True, True. Tires, wheel base etc are big factors as well as a WDH with integral sway control. Friction Sway Control bars aren't very good at all. Even with a shorter unit.

Eric


----------



## Mgonzo2u

Simple answer from another Chrysler SUV type user with a 21RS of his own.

Sorry but your tow vehicle is not strong enough and it does not have the minimum wheelbase required to support such a TT set-up.

From what I gathered on a quick spec review of your T.V., you are under 106". For the 21RS, at minimum, you need at least a 119" wheelbase TV.

You need a different T.V. to avoid the concerns you have just discovered. WDH and other equipment will not solve your problem for the long term.

Add to that your max towing cap. estimated at about 6,500# and you are pushing up against all the limits (when the TV and TT are loaded up (not even including water in tanks)). Your tranny will hate you in short order......sooner if mountain driving is in your near future.

Source:

http://www.new-cars.com/2004/jeep/jeep-grand-cherokee-specs.html

p.s.

For the record, with the proper minimum wheel base and towing capacity, a WDH and and single friction control bar work more than adequately. Using my 7+ years of experience in driving a lot of So Cal roads up through mountain ranges and back down again to sea level (with Southern Cal traffic in all areas) as my proof.

Best of luck in your decision to amend your concerns.


----------



## RDS

A larger TV will make a huge difference. I have the same TT as you but my truck weighs twice as much as yours. (7500Lbs) I don't even have a WD hitch or sway control and my TT never moves around.

If you had a little bigger TV with your hitch, things will be much better.

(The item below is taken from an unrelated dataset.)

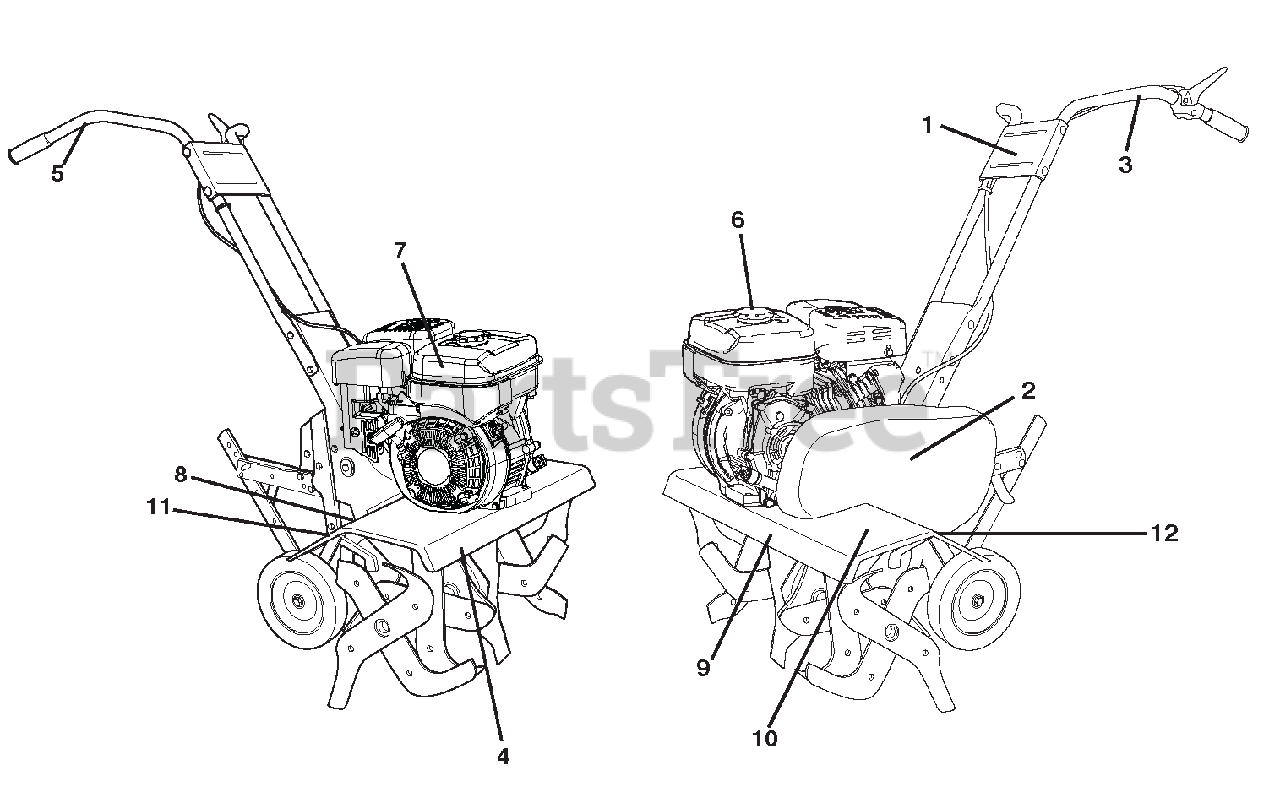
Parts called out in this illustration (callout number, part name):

I'm sure this is not what you wanted to hear, but better safe than sorry.


----------



## CamperAndy

You can turn the shank over to change the position of the holes so you can correctly adjust the WDH.


----------



## MattFromPA

Thanks for the replies and the advice. I thought I did my homework before buying the 21RS...according to the owner's manual my Grand Cherokee can tow up to a 6500 lb trailer, with maximum length of 30' and maximum tongue weight of 750 lbs (it has the factory tow group). I do think those figures are unrealistic (30 ft??), but regardless I felt the 21RS was reasonably within the parameters. I don't believe I'm maxing out the Jeep with the 21RS, but we are planning on getting a larger size SUV when we make our next vehicle purchase.

Having towed the trailer several times now I'm actually pleased with the Jeep's power. We had a pop-up for 10 years and I expected the Jeep to work much harder than it does. I'll have to learn to live with the turbulence for now. I don't plan to carry water, to keep the trailer as front-loaded as I can. Also the hitch shank will need to be replaced, since if I flip it over it is actually too high.


----------



## Mgonzo2u

This is as close to the original chart I worked off of back when working on my due diligence on TV and new TT:

*Get weighed *

Weighing your car, truck, motorhome or trailer is fairly simple. All you need to do is find a scale to put it on. You can find them at most truck stops (Flying J), large recycling centers, waste transfer stations, and along most major highways. Some are free, othere may have a small fee. Check them out first before you take your rig there so you'll now what to do.

How to weigh is fairly simple, but it will depend on how long you are and how many individual scales there are.

Most truck stops have 3 separate platforms, so this makes it easy. Positon your rig so that each axle (or pair of axles) is on a separate platform and get a weight reading.

If there are only 1 or 2 platforms available, use them the best way you can to get individual axle weight readings. If it is just one long platform, pull onto (or off) the platform one axle at a time and get a reading. You'll need to do a little math to figure out how much weight is really on each axle. If there is someone working the scales, they may be able to help you with this.

Once you have your weight readings, compare them to the vehcile or trailer's GVWR and GAWR's for each axle. Also compare the total weight of vehcile and trailer to the GCWR.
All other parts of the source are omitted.